[Start of Attachment]

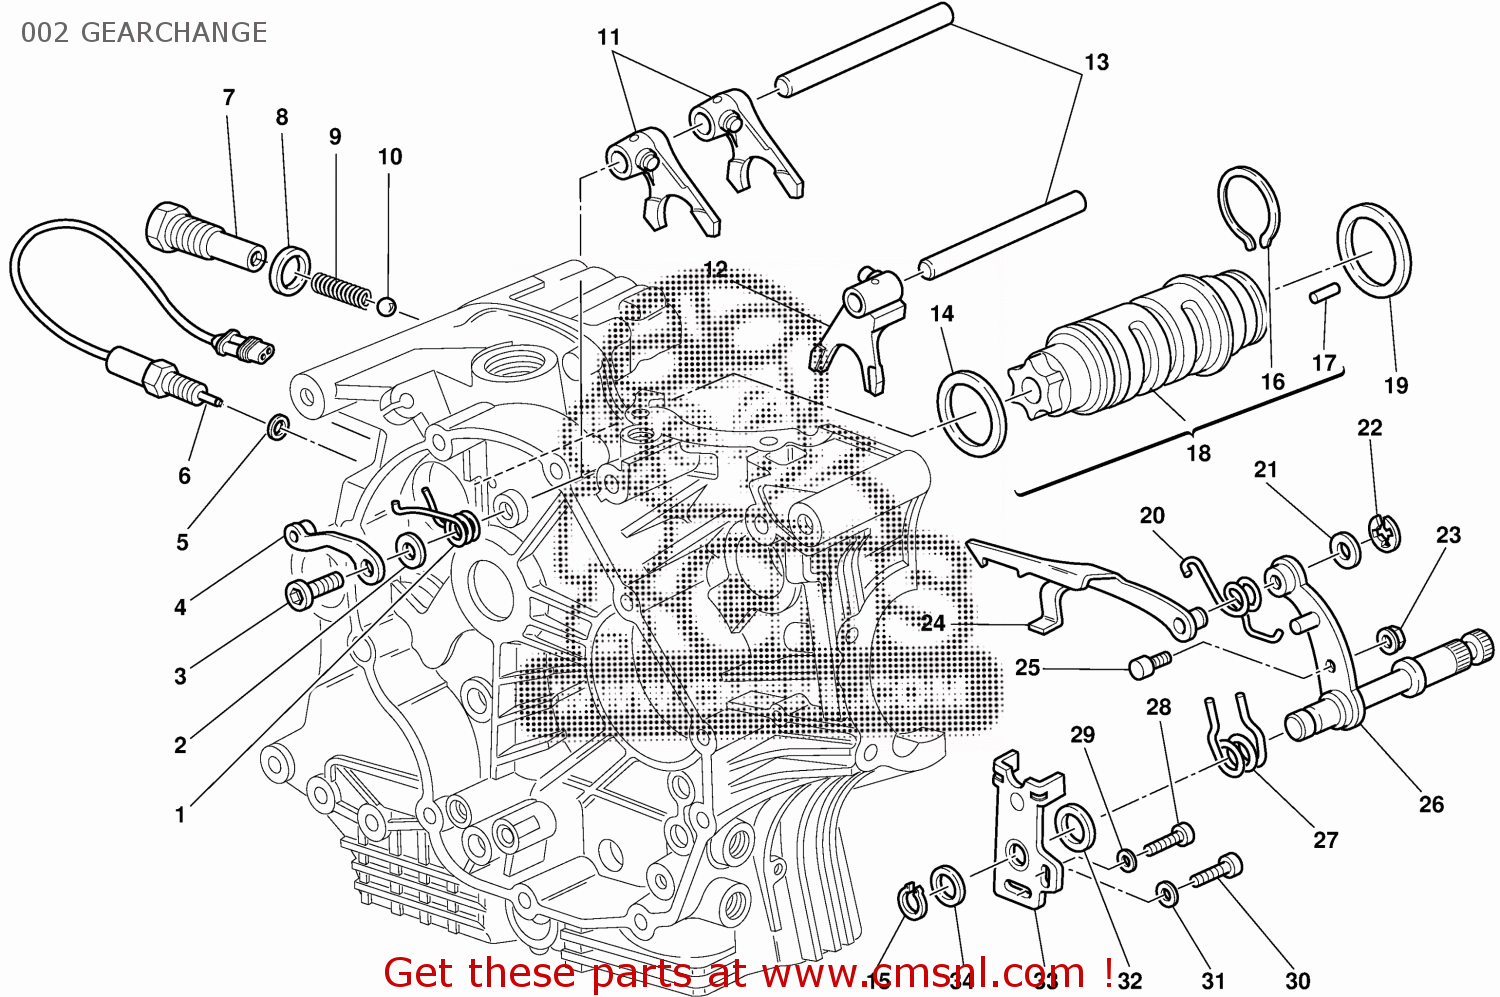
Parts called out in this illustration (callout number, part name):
1	SPRING, RETURN
2	WASHER 8.2X20X1
3	SCREW M8X21.5
4	GEAR FIXING CLICK ASSEMBLY
5	COPPER GASKET 11.9X8.2X2
6	NEUTRAL SWITCH ASSY
7	SCRE M16X1.5, SPRING SEAT
8	GASKET 16.2X24X2
9	GEAR SELECTOR SPRING
10	BALL 11MM
11	SHIFT FORK 1ST-4TH 2ND-3RD
12	SHIFT FORK 5TH-6TH
13	AXLE, GEAR SHIFT FORK 10X116 MM
14	THRUST WASHER 1 MM
15	CIRCLIP 15 DIN 471
16	NEEDLE RETAINING RING
17	SPECIAL ROLLER
18	CAM, GEAR SHIFT
19	THRUST WASHER 45.2X49X1.0
20	RETURN SPRING
21	THRUST WASHER 10.5X16X0.5
22	RING, BENZING 8MM DIN 6799
23	SELF LOCKING NUT M6 H5.5
24	CONTROL FORK
25	GEARCHANGE LEVER PIN
26	GEAR SELECTOR SHAFT
27	SPRING, SHIFT RETURN
28	BOLT, SOCKET HEAD M6X20
29	WASHER
30	SCREW TCEI M8X1.25X20
31	WASHER
32	CENTERING RING
33	STOPPER PLATE
34	THRUST WASHER 15.5X22X0.2

[End of Attachment]

## Requirement
Where in the records does the string "GASKET" appear? Copy every line that has it.

## Exercise result
5	COPPER GASKET 11.9X8.2X2
8	GASKET 16.2X24X2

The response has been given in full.